╭─ SOURCE MATERIAL
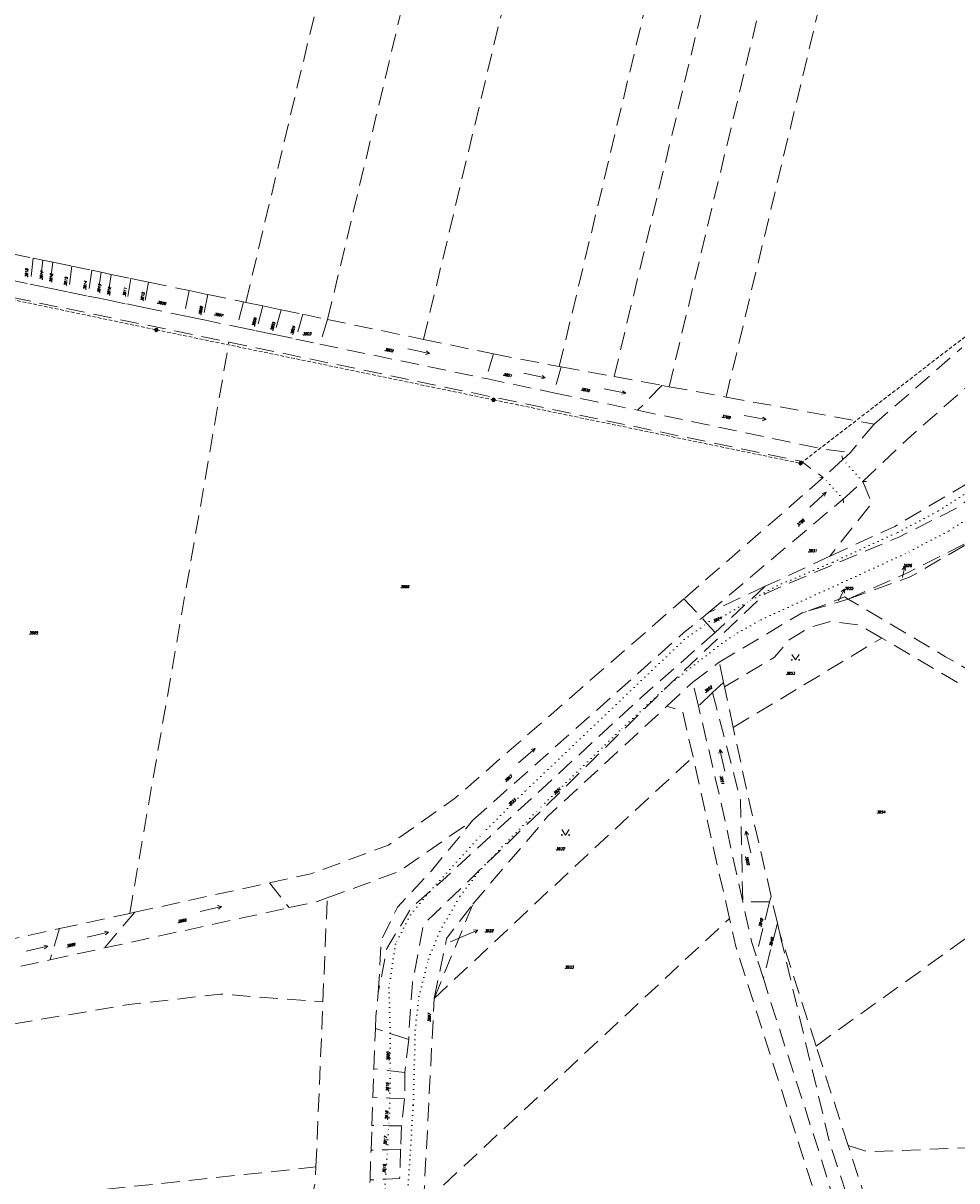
# Model space of a CAD drawing. Header units: metres. Extents: x -626722 to -621116, y -1178216 to -1174550.
# Tile 57 of 86: x -623183 to -622928, y -1177788 to -1177473. Entities that reach past the tile are written whole.
import ezdxf
from ezdxf.enums import TextEntityAlignment as Align

# ---------------------------------------------------------------- set-up
doc = ezdxf.new("R2010")
doc.units = ezdxf.units.M
doc.header["$MEASUREMENT"] = 0
doc.linetypes.add('DASHEDX2', pattern=[1.5, 1, -0.5])
doc.linetypes.add('DOT', pattern=[0.25, 0, -0.25])
doc.layers.add('8_kat_KN_Elektřina', color=172, linetype='DASHEDX2')
for name, color, linetype, lineweight in [('8_kat_KN_Hranice parcel', 200, 'DASHEDX2', 25), ('8_kat_KN_PČ popisy', 210, 'Continuous', 0), ('8_kat_KN_Slučkové čáry', 200, 'DOT', 25), ('8_kat_KN_Značky kultur', 7, 'Continuous', 0), ('8_kat_KN_Čísla parcel', 200, 'Continuous', 25)]:
    doc.layers.add(name, color=color, linetype=linetype, lineweight=lineweight)
doc.styles.add('Style-ITALICS', font='ITALICS.shx')

# ---------------------------------------------------------------- blocks, each defined once
blk = doc.blocks.new('1029_81')
at = {"layer": '8_kat_KN_PČ popisy', "color": 6, "linetype": 'Continuous', "lineweight": 0}
for p, q in [((0, 0), (2.76, 1.17)), ((2.76, 1.17), (1.64, 1.24)), ((2.76, 1.17), (2.04, 0.32))]:
    blk.add_line(p, q, dxfattribs=at)
blk = doc.blocks.new('1029_144')
at = {"layer": '8_kat_KN_PČ popisy', "color": 6, "linetype": 'Continuous', "lineweight": 0}
for p, q in [((0, 0), (1.36, 2.67)), ((1.36, 2.67), (0.46, 2.01)), ((1.36, 2.67), (1.35, 1.55))]:
    blk.add_line(p, q, dxfattribs=at)
blk = doc.blocks.new('1029_174')
at = {"layer": '8_kat_KN_PČ popisy', "color": 6, "linetype": 'Continuous', "lineweight": 0}
for p, q in [((0.62, 2.93), (-0.07, 2.06)), ((0, 0), (0.62, 2.93)), ((0.62, 2.93), (0.91, 1.85))]:
    blk.add_line(p, q, dxfattribs=at)
blk = doc.blocks.new('8.02_39')
at = {"layer": '8_kat_KN_Značky kultur', "color": 7, "linetype": 'Continuous', "lineweight": 13}
for p, q in [((-0.67, 2.94), (-0.94, 1.88)), ((0.68, -2.9), (-0.67, 2.94)), ((-0.67, 2.94), (0.04, 2.1))]:
    blk.add_line(p, q, dxfattribs=at)
blk = doc.blocks.new('3.14')
at = {"layer": '8_kat_KN_Značky kultur', "color": 7, "linetype": 'Continuous', "lineweight": 13, "flags": 128}
blk.add_lwpolyline([(-1, 1.5), (0, 0), (1, 1.5)], dxfattribs=at)
at = {"layer": '8_kat_KN_Značky kultur', "color": 7, "linetype": 'Continuous', "lineweight": 13}
for centre in [(-1, 0), (1, 0)]:
    blk.add_circle(centre, 0.1, dxfattribs=at)
blk = doc.blocks.new('8.02_44')
at = {"layer": '8_kat_KN_Značky kultur', "color": 7, "linetype": 'Continuous', "lineweight": 13}
for p, q in [((-2.18, -2.04), (2.21, 2.05)), ((2.21, 2.05), (1.16, 1.75)), ((2.21, 2.05), (1.84, 1.02))]:
    blk.add_line(p, q, dxfattribs=at)
blk = doc.blocks.new('8.02_45')
at = {"layer": '8_kat_KN_Značky kultur', "color": 7, "linetype": 'Continuous', "lineweight": 13}
for p, q in [((-2.94, 0.51), (2.97, -0.53)), ((2.97, -0.53), (2.1, 0.13)), ((2.97, -0.53), (1.92, -0.86))]:
    blk.add_line(p, q, dxfattribs=at)
blk = doc.blocks.new('8.02_1')
at = {"layer": '8_kat_KN_Značky kultur', "color": 7, "linetype": 'Continuous', "lineweight": 13}
for p, q in [((-2.92, 0.61), (2.95, -0.64)), ((2.95, -0.64), (2.1, 0.06)), ((2.95, -0.64), (1.89, -0.92))]:
    blk.add_line(p, q, dxfattribs=at)
blk = doc.blocks.new('8.02_47')
at = {"layer": '8_kat_KN_Značky kultur', "color": 7, "linetype": 'Continuous', "lineweight": 13}
for p, q in [((-2.25, -1.96), (2.28, 1.97)), ((2.28, 1.97), (1.22, 1.71)), ((2.28, 1.97), (1.87, 0.95))]:
    blk.add_line(p, q, dxfattribs=at)
blk = doc.blocks.new('8.02_42')
at = {"layer": '8_kat_KN_Značky kultur', "color": 7, "linetype": 'Continuous', "lineweight": 13}
for p, q in [((-2.9, -0.68), (2.94, 0.67)), ((2.94, 0.67), (1.88, 0.94)), ((2.94, 0.67), (2.1, -0.04))]:
    blk.add_line(p, q, dxfattribs=at)
blk = doc.blocks.new('4.20_1')
at = {"layer": '8_kat_KN_Slučkové čáry', "color": 7, "linetype": 'Continuous', "lineweight": 0}
blk.add_line((1, 0), (0, 0), dxfattribs=at)
blk = doc.blocks.new('4.20_9')
at = {"layer": '8_kat_KN_Slučkové čáry', "color": 7, "linetype": 'Continuous', "lineweight": 0}
blk.add_line((-0.99, -0.12), (0, 0), dxfattribs=at)
blk = doc.blocks.new('4.20_11')
at = {"layer": '8_kat_KN_Slučkové čáry', "color": 7, "linetype": 'Continuous', "lineweight": 0}
blk.add_line((-0.31, 0.95), (0, 0), dxfattribs=at)
blk = doc.blocks.new('4.20_14')
at = {"layer": '8_kat_KN_Slučkové čáry', "color": 7, "linetype": 'Continuous', "lineweight": 0}
blk.add_line((0.09, -1), (0, 0), dxfattribs=at)
blk = doc.blocks.new('6.01')
at = {"layer": '8_kat_KN_Elektřina', "color": 7, "linetype": 'Continuous', "lineweight": 13}
for radius in [0.5, 0.4, 0.3, 0.2, 0.1]:
    blk.add_circle((0, 0), radius, dxfattribs=at)

msp = doc.modelspace()

# ---------------------------------------------------------------- linework, layer by layer
at = {"layer": '8_kat_KN_Elektřina', "lineweight": 13}
for p, q in [((-623209.38, -1177543.09), (-623146.5, -1177556.31)), ((-622971.03, -1177592.66), (-622906.35, -1177542.87)), ((-623146.5, -1177556.31), (-623054.67, -1177575.37)), ((-623054.67, -1177575.37), (-622971.03, -1177592.66))]:
    msp.add_line(p, q, dxfattribs=at)
at = {"layer": '8_kat_KN_Hranice parcel', "lineweight": 13, "ltscale": 5}
for p, q in [((-623185.84, -1177535.56), (-623180.07, -1177536.76)), ((-623180.07, -1177536.76), (-623180.82, -1177543.87)), ((-623180.07, -1177536.76), (-623177.42, -1177537.32)), ((-623177.42, -1177537.32), (-623178.23, -1177544.4)), ((-623177.42, -1177537.32), (-623174.67, -1177537.89)), ((-623174.67, -1177537.89), (-623175.57, -1177544.95)), ((-623174.67, -1177537.89), (-623169.53, -1177538.96)), ((-623169.53, -1177538.96), (-623170.42, -1177546)), ((-623169.53, -1177538.96), (-623164.09, -1177540.09)), ((-623186.53, -1177542.7), (-623180.82, -1177543.87)), ((-623164.09, -1177540.09), (-623165.12, -1177547.09)), ((-623164.09, -1177540.09), (-623161.5, -1177540.63)), ((-623161.5, -1177540.63), (-623162.54, -1177547.62)), ((-623161.5, -1177540.63), (-623158.77, -1177541.2)), ((-623158.77, -1177541.2), (-623159.88, -1177548.17)), ((-623158.77, -1177541.2), (-623153.41, -1177542.31)), ((-623153.41, -1177542.31), (-623154.56, -1177549.26)), ((-623153.41, -1177542.31), (-623148.62, -1177543.31)), ((-623180.82, -1177543.87), (-623178.23, -1177544.4)), ((-623178.23, -1177544.4), (-623175.57, -1177544.95)), ((-623175.57, -1177544.95), (-623170.42, -1177546)), ((-623148.62, -1177543.31), (-623149.88, -1177550.22)), ((-623148.62, -1177543.31), (-623137.54, -1177545.62)), ((-623137.54, -1177545.62), (-623138.94, -1177552.48)), ((-623137.54, -1177545.62), (-623132.43, -1177546.68)), ((-623170.42, -1177546), (-623165.12, -1177547.09)), ((-623165.12, -1177547.09), (-623162.54, -1177547.62)), ((-623162.54, -1177547.62), (-623159.88, -1177548.17)), ((-623159.88, -1177548.17), (-623154.56, -1177549.26)), ((-623132.43, -1177546.68), (-623133.94, -1177553.52)), ((-623132.43, -1177546.68), (-623122.78, -1177548.69)), ((-623122.78, -1177548.69), (-623124.5, -1177555.48)), ((-623122.78, -1177548.69), (-623122.15, -1177548.82)), ((-623122.15, -1177548.82), (-623117.45, -1177549.8)), ((-623154.56, -1177549.26), (-623149.88, -1177550.22)), ((-623117.45, -1177549.8), (-623119.3, -1177556.57)), ((-623117.45, -1177549.8), (-623112.48, -1177550.83)), ((-623112.48, -1177550.83), (-623114.36, -1177557.59)), ((-623112.48, -1177550.83), (-623106.57, -1177552.06)), ((-623106.57, -1177552.06), (-623108.55, -1177558.8)), ((-623106.57, -1177552.06), (-623099.85, -1177553.46)), ((-623138.94, -1177552.48), (-623133.94, -1177553.52)), ((-623133.94, -1177553.52), (-623124.5, -1177555.48)), ((-623099.85, -1177553.46), (-623101.95, -1177560.18)), ((-623099.85, -1177553.46), (-623073.72, -1177558.9)), ((-623124.5, -1177555.48), (-623119.3, -1177556.57)), ((-623119.3, -1177556.57), (-623114.36, -1177557.59)), ((-623114.36, -1177557.59), (-623108.55, -1177558.8)), ((-623153.76, -1177715.26), (-623126.73, -1177559.64)), ((-623108.55, -1177558.8), (-623101.95, -1177560.18)), ((-623101.95, -1177560.18), (-623056.68, -1177569.6)), ((-623073.72, -1177558.9), (-623054.65, -1177562.87)), ((-622951.04, -1177581.99), (-622927.13, -1177561.23)), ((-623054.65, -1177562.87), (-623056.68, -1177569.6)), ((-623054.65, -1177562.87), (-623036.75, -1177566.32)), ((-623036.24, -1177566.41), (-623038.31, -1177573.43)), ((-623036.75, -1177566.32), (-623036.24, -1177566.41)), ((-623036.24, -1177566.41), (-623021.81, -1177569.05)), ((-623056.68, -1177569.6), (-623038.31, -1177573.43)), ((-623021.81, -1177569.05), (-623008.82, -1177571.43)), ((-623038.31, -1177573.43), (-623015.42, -1177578.21)), ((-623008.82, -1177571.43), (-623015.42, -1177578.21)), ((-623008.82, -1177571.43), (-623006.83, -1177571.79)), ((-623006.83, -1177571.79), (-622991.36, -1177574.62)), ((-622991.36, -1177574.62), (-622951.04, -1177581.99)), ((-622951.04, -1177581.99), (-622957.49, -1177589.72)), ((-622957.49, -1177589.72), (-622959.53, -1177591.61)), ((-622959.53, -1177591.61), (-622964.86, -1177596.53)), ((-622964.86, -1177596.53), (-623002.82, -1177629.58)), ((-622959.48, -1177602.42), (-622954.11, -1177597.6)), ((-622996.22, -1177633.42), (-622959.48, -1177602.42)), ((-622963.04, -1177617.93), (-622980.69, -1177626.17)), ((-622980.69, -1177626.17), (-622996.22, -1177633.42)), ((-623002.82, -1177629.58), (-622997.94, -1177634.8)), ((-622968.93, -1177632.88), (-622958.08, -1177629.65)), ((-622997.94, -1177634.8), (-622996.22, -1177633.42)), ((-622989.4, -1177664.6), (-622948.93, -1177640.26)), ((-622992.02, -1177652.38), (-622993.21, -1177646.86)), ((-623007.49, -1177658.84), (-623000.38, -1177652.26)), ((-622998.85, -1177658.79), (-623000.38, -1177652.26)), ((-622992.02, -1177652.38), (-622995.01, -1177655.08)), ((-622991.76, -1177653.57), (-622992.02, -1177652.38)), ((-622995.01, -1177655.08), (-622998.85, -1177658.79)), ((-622989.4, -1177664.6), (-622991.76, -1177653.57)), ((-622990.43, -1177716.65), (-623000.34, -1177672.66)), ((-622966.85, -1177751.39), (-622882.04, -1177690.43)), ((-623152.36, -1177714.95), (-623115.69, -1177706.94)), ((-623115.69, -1177706.94), (-623110.32, -1177713.7)), ((-623101.14, -1177739.36), (-623099.95, -1177711.02)), ((-623070.83, -1177738.43), (-623060.32, -1177712.76)), ((-622979.53, -1177712.12), (-622986.79, -1177712.12)), ((-622979.53, -1177712.12), (-622983.17, -1177726.83)), ((-622979.07, -1177710.63), (-622979.53, -1177712.12)), ((-622977.38, -1177717.96), (-622979.07, -1177710.63)), ((-623172.83, -1177719.42), (-623153.76, -1177715.26)), ((-623160.62, -1177724.69), (-623110.32, -1177713.7)), ((-623152.36, -1177714.95), (-623160.62, -1177724.69)), ((-623153.76, -1177715.26), (-623152.36, -1177714.95)), ((-623188.71, -1177722.89), (-623172.83, -1177719.42)), ((-623172.83, -1177719.42), (-623175.41, -1177727.92)), ((-623073.76, -1177794.37), (-622990.43, -1177716.65)), ((-622977.38, -1177717.96), (-622981.19, -1177733.02)), ((-622976.8, -1177720.47), (-622977.38, -1177717.96)), ((-622966.85, -1177751.39), (-622976.8, -1177720.47)), ((-623175.41, -1177727.92), (-623160.62, -1177724.69)), ((-623190.76, -1177731.27), (-623175.41, -1177727.92)), ((-622981.19, -1177733.02), (-622983.17, -1177726.83)), ((-623103.03, -1177784.33), (-623101.14, -1177739.36)), ((-623087.24, -1177757.6), (-623086.85, -1177746.64)), ((-623077.77, -1177749.63), (-623078.8, -1177758.57)), ((-622958.08, -1177778.51), (-622966.85, -1177751.39)), ((-623087.51, -1177765.35), (-623087.24, -1177757.6)), ((-623078.8, -1177758.57), (-623078.89, -1177765.82)), ((-623087.78, -1177773.02), (-623087.51, -1177765.35)), ((-623078.89, -1177765.82), (-623079.74, -1177773.17)), ((-623088.03, -1177779.79), (-623087.78, -1177773.02)), ((-623079.74, -1177773.17), (-623079.96, -1177779.53)), ((-623088.31, -1177787.86), (-623088.03, -1177779.79))]:
    msp.add_line(p, q, dxfattribs=at)
at = {"layer": '8_kat_KN_Hranice parcel', "lineweight": 13, "ltscale": 5, "flags": 128}
for points in [[(-623099.85, -1177553.46), (-623072.86, -1177440.43), (-623045.85, -1177327.4)], [(-623073.72, -1177558.9), (-623046.75, -1177446.02), (-623019.78, -1177333.15)], [(-623122.15, -1177548.82), (-623097.62, -1177446.17), (-623073.1, -1177343.51)], [(-623036.75, -1177566.32), (-623009.86, -1177453.8), (-622982.98, -1177341.28)], [(-623021.81, -1177569.05), (-622994.99, -1177456.82), (-622968.17, -1177344.58)], [(-623006.83, -1177571.79), (-622980.08, -1177459.84), (-622953.33, -1177347.88)], [(-622991.36, -1177574.62), (-622964.68, -1177462.96), (-622938, -1177351.29)], [(-622839.61, -1177504.5), (-622858.7, -1177530.34), (-622874.52, -1177551.75), (-622890.45, -1177572.86), (-622921.58, -1177599.48), (-622928.44, -1177604.84), (-622944.33, -1177612.79), (-622975.32, -1177625.84), (-622980.7, -1177628.18), (-623006.87, -1177652.96), (-623040.35, -1177685.99), (-623057.93, -1177703), (-623073.78, -1177718.34), (-623076.75, -1177734.14), (-623077.61, -1177746.42), (-623077.77, -1177749.63)], [(-622839.61, -1177504.5), (-622847.39, -1177513.28), (-622876.1, -1177550.49), (-622897.11, -1177575.26), (-622921.56, -1177595.81), (-622945.4, -1177609.85), (-622963.04, -1177617.93)], [(-623200.31, -1177544.46), (-623182.99, -1177548.02), (-623126.73, -1177559.64)], [(-623149.88, -1177550.22), (-623141.53, -1177551.94), (-623138.94, -1177552.48)], [(-623126.73, -1177559.64), (-622970.92, -1177592.1), (-622964.86, -1177596.53)], [(-622954.11, -1177597.6), (-622940.96, -1177585.19), (-622921.09, -1177567.71)], [(-623015.42, -1177578.21), (-622964.11, -1177588.92), (-622957.49, -1177589.72)], [(-622954.11, -1177597.6), (-622951.64, -1177603.5), (-622963.04, -1177617.93)], [(-622958.08, -1177629.65), (-622941.23, -1177623.62), (-622921.15, -1177611.99)], [(-622958.08, -1177629.65), (-622941.95, -1177622.46), (-622921.15, -1177611.99)], [(-622980.69, -1177626.17), (-622985.07, -1177630.2), (-622994.29, -1177638.71)], [(-623115.69, -1177706.94), (-623104.4, -1177704.47), (-623083.24, -1177696.66), (-623065.42, -1177684.08), (-623002.82, -1177629.58)], [(-622968.93, -1177632.88), (-622959.07, -1177629.07), (-622958.08, -1177629.65)], [(-622922.95, -1177650.34), (-622931.54, -1177645.34), (-622958.08, -1177629.65)], [(-622993.21, -1177646.86), (-622970.63, -1177633.39), (-622968.93, -1177632.88)], [(-623060.27, -1177689.87), (-623002.82, -1177638.74), (-622997.94, -1177634.8)], [(-622994.29, -1177638.71), (-622996.58, -1177636.26), (-622997.94, -1177634.8)], [(-622948.93, -1177640.26), (-622955.02, -1177636.69), (-622962.91, -1177635.78), (-622968.32, -1177637.25), (-622974.15, -1177640.73), (-622978.11, -1177645.43), (-622991.76, -1177653.57)], [(-622994.29, -1177638.71), (-623014.35, -1177656.37), (-623068.55, -1177706.26), (-623071.98, -1177709.28), (-623076.99, -1177713.69), (-623083.73, -1177724.79), (-623086.05, -1177736.83)], [(-622882.04, -1177690.43), (-622925.84, -1177653.79), (-622948.93, -1177640.26)], [(-623000.38, -1177652.26), (-622996.36, -1177649.23), (-622993.21, -1177646.86)], [(-622995.01, -1177655.08), (-622987.41, -1177684.34), (-622986.79, -1177712.12)], [(-623060.32, -1177712.76), (-623039.85, -1177688.78), (-623007.49, -1177658.84)], [(-623000.34, -1177672.66), (-623003.16, -1177660.15), (-623007.49, -1177658.84)], [(-622986.79, -1177712.12), (-622993, -1177683.81), (-622998.85, -1177658.79)], [(-622979.07, -1177710.63), (-622985.6, -1177682.27), (-622989.4, -1177664.6)], [(-623070.83, -1177738.43), (-623029.02, -1177699.19), (-623000.34, -1177672.66)], [(-623099.95, -1177711.02), (-623080.58, -1177703.94), (-623060.27, -1177689.87)], [(-623086.05, -1177736.83), (-623085.24, -1177722.51), (-623080.83, -1177713.57), (-623071.59, -1177703.66), (-623060.27, -1177689.87)], [(-623110.32, -1177713.7), (-623102.74, -1177712.04), (-623099.95, -1177711.02)], [(-623070.83, -1177738.43), (-623067.44, -1177722.06), (-623060.32, -1177712.76)], [(-622983.17, -1177726.83), (-622984.42, -1177722.93), (-622986.79, -1177712.12)], [(-622965.63, -1177796.55), (-622976.96, -1177761.08), (-622988.7, -1177724.3), (-622990.43, -1177716.65)], [(-622958.08, -1177778.51), (-622952.75, -1177780.19), (-622923.18, -1177779.04), (-622907.65, -1177779.63), (-622889.55, -1177779.84), (-622872.39, -1177766.35), (-622857.96, -1177741.29), (-622849.33, -1177717.8)], [(-622929.86, -1177860.58), (-622943.44, -1177833.6), (-622955.24, -1177802.1), (-622963.1, -1177777.7), (-622967.93, -1177757.75), (-622976.8, -1177720.47)], [(-622936.41, -1177864.9), (-622948.01, -1177835.63), (-622957.23, -1177808.88), (-622965.94, -1177780.46), (-622973.83, -1177756.03), (-622981.19, -1177733.02)], [(-623367.74, -1177784.23), (-623344.02, -1177782.52), (-623299.76, -1177776.28), (-623275.31, -1177768.57), (-623252.21, -1177758.85), (-623197.37, -1177747.39), (-623153.95, -1177740.1), (-623128.98, -1177737.24), (-623101.14, -1177739.36)], [(-623086.85, -1177746.64), (-623086.73, -1177743.37), (-623086.05, -1177736.83)], [(-623073.76, -1177794.37), (-623073.71, -1177794.13), (-623070.83, -1177738.43)], [(-623077.77, -1177749.63), (-623082.8, -1177747.97), (-623086.85, -1177746.64)], [(-623078.8, -1177758.57), (-623082.84, -1177758.11), (-623087.24, -1177757.6)], [(-623078.89, -1177765.82), (-623082.87, -1177765.6), (-623087.51, -1177765.35)], [(-623079.74, -1177773.17), (-623083.18, -1177773.11), (-623087.78, -1177773.02)], [(-622911.3, -1177898.38), (-622940.7, -1177832.38), (-622958.08, -1177778.51)], [(-623079.96, -1177779.53), (-623080.24, -1177787.45), (-623084.05, -1177787.64), (-623088.31, -1177787.86)], [(-623079.96, -1177779.53), (-623083.58, -1177779.65), (-623088.03, -1177779.79)], [(-623361.36, -1177811.82), (-623232.19, -1177798.08), (-623103.03, -1177784.33)], [(-623119.43, -1177843.92), (-623111.57, -1177826.47), (-623103.21, -1177788.6), (-623103.03, -1177784.33)], [(-623090.54, -1177803.37), (-623088.43, -1177791.15), (-623088.31, -1177787.86)]]:
    msp.add_lwpolyline(points, dxfattribs=at)
at = {"layer": '8_kat_KN_PČ popisy', "lineweight": 0}
for p, q in [((-622943.29, -1177623.8), (-622943.27, -1177623.68)), ((-622960.72, -1177630.15), (-622960.43, -1177629.58)), ((-623066.43, -1177723.01), (-623061.72, -1177720.99))]:
    msp.add_line(p, q, dxfattribs=at)
at = {"layer": '8_kat_KN_Slučkové čáry', "lineweight": 0, "ltscale": 5}
for p, q in [((-622954.11, -1177597.6), (-622959.53, -1177591.61)), ((-622959.48, -1177602.42), (-622964.86, -1177596.53)), ((-622933.49, -1177605.62), (-622922.2, -1177598.37)), ((-622944.57, -1177611.48), (-622933.49, -1177605.62)), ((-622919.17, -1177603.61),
╰─
Any pictures are to be skipped, and the lines from the beginning of the entries through the line with "blk = doc.blocks.new('1029_144')" copied exactly.

■ **EXERCISE OUTPUT**
# Model space of a CAD drawing. Header units: metres. Extents: x -626722 to -621116, y -1178216 to -1174550.
# Tile 57 of 86: x -623183 to -622928, y -1177788 to -1177473. Entities that reach past the tile are written whole.
import ezdxf
from ezdxf.enums import TextEntityAlignment as Align

# ---------------------------------------------------------------- set-up
doc = ezdxf.new("R2010")
doc.units = ezdxf.units.M
doc.header["$MEASUREMENT"] = 0
doc.linetypes.add('DASHEDX2', pattern=[1.5, 1, -0.5])
doc.linetypes.add('DOT', pattern=[0.25, 0, -0.25])
doc.layers.add('8_kat_KN_Elektřina', color=172, linetype='DASHEDX2')
for name, color, linetype, lineweight in [('8_kat_KN_Hranice parcel', 200, 'DASHEDX2', 25), ('8_kat_KN_PČ popisy', 210, 'Continuous', 0), ('8_kat_KN_Slučkové čáry', 200, 'DOT', 25), ('8_kat_KN_Značky kultur', 7, 'Continuous', 0), ('8_kat_KN_Čísla parcel', 200, 'Continuous', 25)]:
    doc.layers.add(name, color=color, linetype=linetype, lineweight=lineweight)
doc.styles.add('Style-ITALICS', font='ITALICS.shx')

# ---------------------------------------------------------------- blocks, each defined once
blk = doc.blocks.new('1029_81')
at = {"layer": '8_kat_KN_PČ popisy', "color": 6, "linetype": 'Continuous', "lineweight": 0}
for p, q in [((0, 0), (2.76, 1.17)), ((2.76, 1.17), (1.64, 1.24)), ((2.76, 1.17), (2.04, 0.32))]:
    blk.add_line(p, q, dxfattribs=at)
blk = doc.blocks.new('1029_144')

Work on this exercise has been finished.